Assigned task:
Search the records below for the word "IfcIndexedPolyCurve", then return every line where it appears.

Material shown:

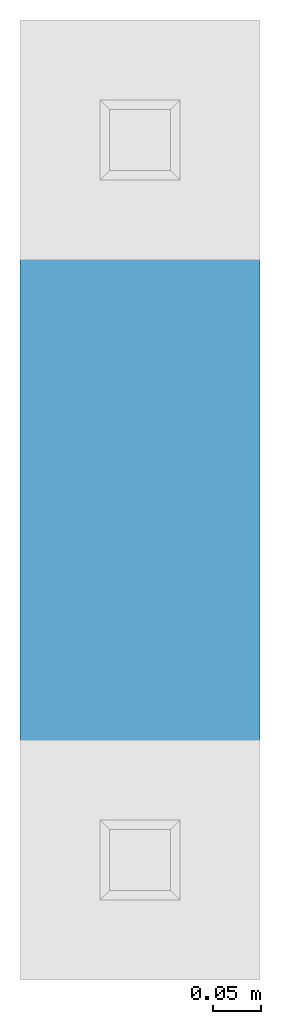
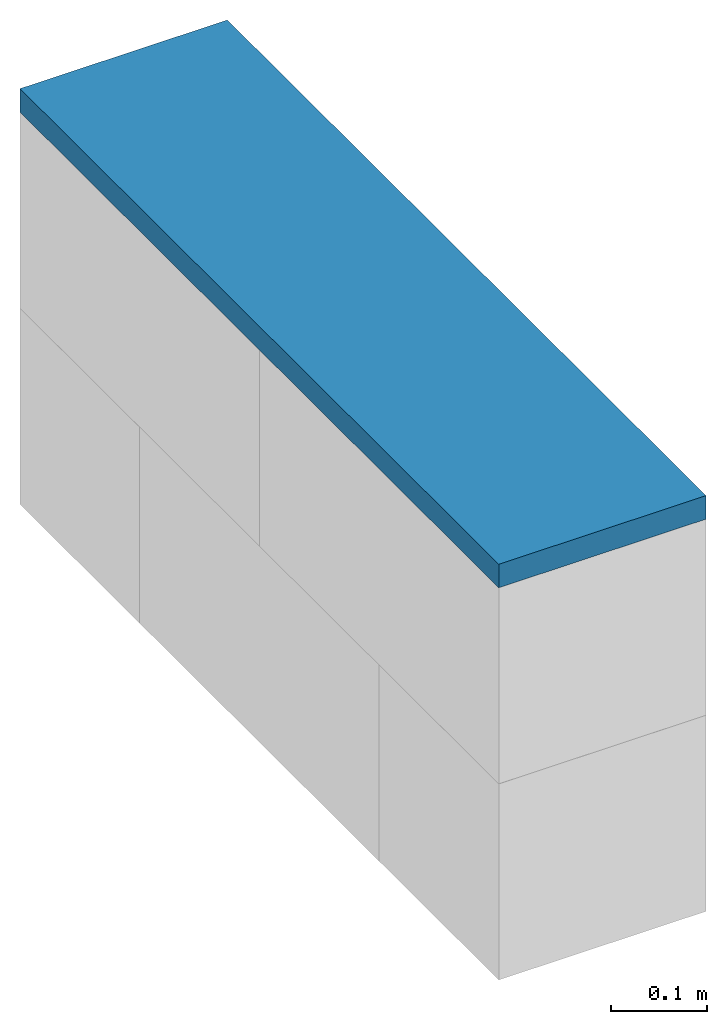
# One storey, incomplete: 1 wall.
"""IFC4 building model written with IfcOpenShell, lengths in centimetres."""

import ifcopenshell
import ifcopenshell.guid

model = None  # the IFC model being written
_history = None  # IfcOwnerHistory: only IFC2X3 demands one
_inside = {}  # id of a spatial element -> (the spatial element, [elements in it])
_under = {}  # id of a project, library or spatial element -> (it, [spatial elements below it])
_declared = {}  # id of a project -> (the project, [libraries it declares])
_typed = {}  # id of a type object -> (the type object, [elements of that type])
_made_of = {}  # id of a material, layer set ... -> (it, [elements and type objects made of it])


def new_model(schema):
    """Start an empty IFC model of exactly this schema.

    Asked for "IFC4X3", IfcOpenShell would pick the latest addendum, in which some entities
    have other attributes; the version numbers below select the first issue.
    IFC2X3 requires an IfcOwnerHistory on every rooted entity: one is made here for all.
    """
    global model, _history
    if schema == "IFC4X3":
        model = ifcopenshell.file(schema_version=(4, 3, 0, 0))
    else:
        model = ifcopenshell.file(schema=schema)
    _inside.clear()
    _under.clear()
    _declared.clear()
    _typed.clear()
    _made_of.clear()
    _history = None
    if model.schema == "IFC2X3":
        org = make("IfcOrganization", Name="unknown")
        user = make(
            "IfcPersonAndOrganization",
            ThePerson=make("IfcPerson", FamilyName="unknown"),
            TheOrganization=org,
        )
        app = make(
            "IfcApplication",
            ApplicationDeveloper=org,
            Version="unknown",
            ApplicationFullName="unknown",
            ApplicationIdentifier="unknown",
        )
        _history = make(
            "IfcOwnerHistory",
            OwningUser=user,
            OwningApplication=app,
            ChangeAction="ADDED",
            CreationDate=0,
        )
    return model


def make(cls, **values):
    """One entity of the class cls with the attributes given. An attribute that is None is left unset."""
    return model.create_entity(
        cls, **{name: value for name, value in values.items() if value is not None}
    )


def entity(cls, *values):
    """Any entity or typed value of the class cls, its attributes in the order of the schema. None: left unset."""
    e = model.create_entity(cls)
    for i, value in enumerate(values):
        if value is not None:
            e[i] = value
    return e


def rooted(cls, **values):
    """An entity with a GlobalId (a new one), such as an element, a storey or a relation."""
    return make(cls, GlobalId=ifcopenshell.guid.new(), OwnerHistory=_history, **values)


def si_unit(unit_type, name, prefix=None):
    """IfcSIUnit, for example si_unit("LENGTHUNIT", "METRE", prefix="MILLI")."""
    return make("IfcSIUnit", UnitType=unit_type, Prefix=prefix, Name=name)


def converted_unit(unit_type, name, factor, base, dimensions=None, offset=None):
    """IfcConversionBasedUnit, such as the inch: factor (a typed value) times the base unit."""
    return make(
        "IfcConversionBasedUnit"
        if offset is None
        else "IfcConversionBasedUnitWithOffset",
        ConversionOffset=offset,
        Dimensions=None
        if dimensions is None
        else entity("IfcDimensionalExponents", *dimensions),
        UnitType=unit_type,
        Name=name,
        ConversionFactor=make(
            "IfcMeasureWithUnit", ValueComponent=factor, UnitComponent=base
        ),
    )


def assignment(units):
    """IfcUnitAssignment: the units of a project."""
    return None if units is None else make("IfcUnitAssignment", Units=units)


def point(xyz):
    """IfcCartesianPoint."""
    return None if xyz is None else make("IfcCartesianPoint", Coordinates=xyz)


def direction(xyz):
    """IfcDirection."""
    return None if xyz is None else make("IfcDirection", DirectionRatios=xyz)


def frame(location, z_axis=None, x_axis=None):
    """IfcAxis2Placement3D, a coordinate frame: its origin and axes. An axis left out is left unset."""
    return make(
        "IfcAxis2Placement3D",
        Location=point(location),
        Axis=direction(z_axis),
        RefDirection=direction(x_axis),
    )


def origin():
    """The frame at (0, 0, 0) with its axes left unset."""
    return frame((0.0, 0.0, 0.0))


def place(relative_to, where):
    """IfcLocalPlacement: puts the frame where relative to a parent placement (None: the world)."""
    return make(
        "IfcLocalPlacement", PlacementRelTo=relative_to, RelativePlacement=where
    )


def context(
    kind, dimensions, precision=None, world=None, true_north=None, identifier=None
):
    """IfcGeometricRepresentationContext, for example the 3D "Model" context."""
    return make(
        "IfcGeometricRepresentationContext",
        ContextIdentifier=identifier,
        ContextType=kind,
        CoordinateSpaceDimension=dimensions,
        Precision=precision,
        WorldCoordinateSystem=world,
        TrueNorth=true_north,
    )


def subcontext(parent, identifier, kind, view, scale=None):
    """IfcGeometricRepresentationSubContext, for example "Body" below "Model"."""
    return make(
        "IfcGeometricRepresentationSubContext",
        ContextIdentifier=identifier,
        ContextType=kind,
        ParentContext=parent,
        TargetScale=scale,
        TargetView=view,
    )


def project(units=None, contexts=None):
    """IfcProject with its units and contexts."""
    return rooted(
        "IfcProject",
        Name="project",
        RepresentationContexts=contexts,
        UnitsInContext=assignment(units),
    )


def spatial(cls, under=None, at=None, **own):
    """A site, building, storey or space (cls), placed at a placement, below another one or the project."""
    s = rooted(cls, ObjectPlacement=at, **own)
    if under is not None:
        _under.setdefault(under.id(), (under, []))[1].append(s)
    return s


def point_list(points):
    """IfcCartesianPointList2D or 3D."""
    cls = (
        "IfcCartesianPointList2D" if len(points[0]) == 2 else "IfcCartesianPointList3D"
    )
    return make(cls, CoordList=points)


def indexed_curve(points, segments=None, self_intersect=None):
    """IfcIndexedPolyCurve: lines and arcs through numbered points (the first is 1)."""
    return make(
        "IfcIndexedPolyCurve",
        Points=point_list(points),
        Segments=segments,
        SelfIntersect=self_intersect,
    )


def outline(outer, holes=None, kind="AREA"):
    """IfcArbitraryClosedProfileDef: a profile drawn as a closed curve; with holes, ...WithVoids."""
    if holes is None:
        return make("IfcArbitraryClosedProfileDef", ProfileType=kind, OuterCurve=outer)
    return make(
        "IfcArbitraryProfileDefWithVoids",
        ProfileType=kind,
        OuterCurve=outer,
        InnerCurves=holes,
    )


def extrude(swept, where, along, depth):
    """IfcExtrudedAreaSolid: the profile swept, set in the frame where, extruded along a direction by depth."""
    return make(
        "IfcExtrudedAreaSolid",
        SweptArea=swept,
        Position=where,
        ExtrudedDirection=direction(along),
        Depth=depth,
    )


def shape(context_of_items, identifier, shape_type, items):
    """IfcShapeRepresentation: the items that make up one representation, for example the "Body"."""
    return make(
        "IfcShapeRepresentation",
        ContextOfItems=context_of_items,
        RepresentationIdentifier=identifier,
        RepresentationType=shape_type,
        Items=items,
    )


def material(Name=None, Category=None):
    """IfcMaterial."""
    return make("IfcMaterial", Name=Name, Category=Category)


def made_of(thing, what):
    """Note that an element or type object is made of a material, layer set ...; save() writes the relation."""
    if what is not None:
        _made_of.setdefault(what.id(), (what, []))[1].append(thing)
    return thing


def type_object(cls, material=None, **own):
    """A type object (cls), such as IfcWallType, which elements share."""
    return made_of(rooted(cls, **own), material)


def element(
    cls,
    number,
    at=None,
    inside=None,
    cuts=None,
    type_object=None,
    material=None,
    context=None,
    identifier="Body",
    shape_type=None,
    held_by="IfcProductDefinitionShape",
    body=None,
    shapes=None,
    **own,
):
    """One element of the class cls, such as IfcWall. Its Tag is "e" and its number.

    at: its placement. inside: the storey or other place that contains it. cuts: it is an
    opening in that element (IfcRelVoidsElement). A single representation is given by context,
    identifier, shape_type and body (its items); several are given by shapes. held_by: the class
    of the entity that holds the representations. save() writes the other relations.
    """
    e = rooted(cls, Tag="e%d" % number, ObjectPlacement=at, **own)
    if body is not None:
        shapes = [shape(context, identifier, shape_type, body)]
    if shapes is not None:
        e.Representation = make(held_by, Representations=shapes)
    if inside is not None:
        _inside.setdefault(inside.id(), (inside, []))[1].append(e)
    if cuts is not None:
        rooted(
            "IfcRelVoidsElement", RelatingBuildingElement=cuts, RelatedOpeningElement=e
        )
    if type_object is not None:
        _typed.setdefault(type_object.id(), (type_object, []))[1].append(e)
    return made_of(e, material)


def aggregate(whole, parts):
    """IfcRelAggregates: a whole, such as a stair, and the parts it consists of."""
    return rooted("IfcRelAggregates", RelatingObject=whole, RelatedObjects=parts)


def save(model, path):
    """Write the relations noted so far, then the file.

    IfcRelAggregates (storeys below a building ...), IfcRelContainedInSpatialStructure (elements
    in a storey), IfcRelDefinesByType, IfcRelAssociatesMaterial and IfcRelDeclares: one each for
    every whole, place, type object, material and project.
    """
    for whole, parts in _under.values():
        aggregate(whole, parts)
    for where, things in _inside.values():
        rooted(
            "IfcRelContainedInSpatialStructure",
            RelatedElements=things,
            RelatingStructure=where,
        )
    for kind, things in _typed.values():
        rooted("IfcRelDefinesByType", RelatedObjects=things, RelatingType=kind)
    for what, things in _made_of.values():
        rooted("IfcRelAssociatesMaterial", RelatedObjects=things, RelatingMaterial=what)
    for by, libraries in _declared.values():
        rooted("IfcRelDeclares", RelatingContext=by, RelatedDefinitions=libraries)
    model.write(path)


model = new_model("IFC4")

# Units and contexts
model_context = context("Model", 3, precision=0.001, world=origin(), true_north=direction((0.0, 1.0)))
body_context = subcontext(model_context, "Body", "Model", "MODEL_VIEW")
ifc_project = project(units=[si_unit("LENGTHUNIT", "METRE", prefix="CENTI"), si_unit("AREAUNIT", "SQUARE_METRE"), si_unit("VOLUMEUNIT", "CUBIC_METRE"), converted_unit("PLANEANGLEUNIT", "DEGREE", entity("IfcPlaneAngleMeasure", 0.017453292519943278), si_unit("PLANEANGLEUNIT", "RADIAN"), dimensions=[0, 0, 0, 0, 0, 0, 0])], contexts=[model_context])

# Site, building, storey
site_placement = place(None, origin())
site = spatial("IfcSite", under=ifc_project, at=site_placement, Name="Default", CompositionType="ELEMENT")
building_placement = place(site_placement, origin())
building = spatial("IfcBuilding", under=site, at=building_placement, CompositionType="ELEMENT")
storey_placement = place(building_placement, frame((0.0, 0.0, -312.0)))
storey = spatial("IfcBuildingStorey", under=building, at=storey_placement, Name="B1__ABOVE Slab", CompositionType="ELEMENT", Elevation=-312.0000000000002)

# Wall
ifc_material = material(Name="_STRUCTURE__Wood Solid")
wall_type = type_object("IfcWallType", Name="Columns : wll_s__DECOUPLING BEAM__Rectangular__wp : Wood", PredefinedType="SOLIDWALL", material=ifc_material)
wall_placement = place(storey_placement, frame((1633.1494566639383, 219.37187315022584, 289.5000000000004), z_axis=(0.0, 0.0, 1.0), x_axis=(0.0, 1.0, 0.0)))
element("IfcWall", 1, at=wall_placement, inside=storey, type_object=wall_type, material=ifc_material, Name="Columns : wll_s__DECOUPLING BEAM__Rectangular__wp : Wood", PredefinedType="SOLIDWALL", context=body_context, shape_type="SweptSolid", body=[
    extrude(outline(indexed_curve([(-50.00000000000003, -12.500000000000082), (50.00000000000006, -12.500000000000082), (50.00000000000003, 12.500000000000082), (-50.00000000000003, 12.499999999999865), (-50.00000000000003, -12.500000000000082)], self_intersect=False)), frame((50.0, -12.500000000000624, 0.0), z_axis=(0.0, 0.0, 1.0), x_axis=(-1.0, 0.0, 0.0)), (0.0, 0.0, 1.0), 2.999999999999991),
])

save(model, "model.ifc")

Answer section:
    """IfcIndexedPolyCurve: lines and arcs through numbered points (the first is 1)."""
        "IfcIndexedPolyCurve",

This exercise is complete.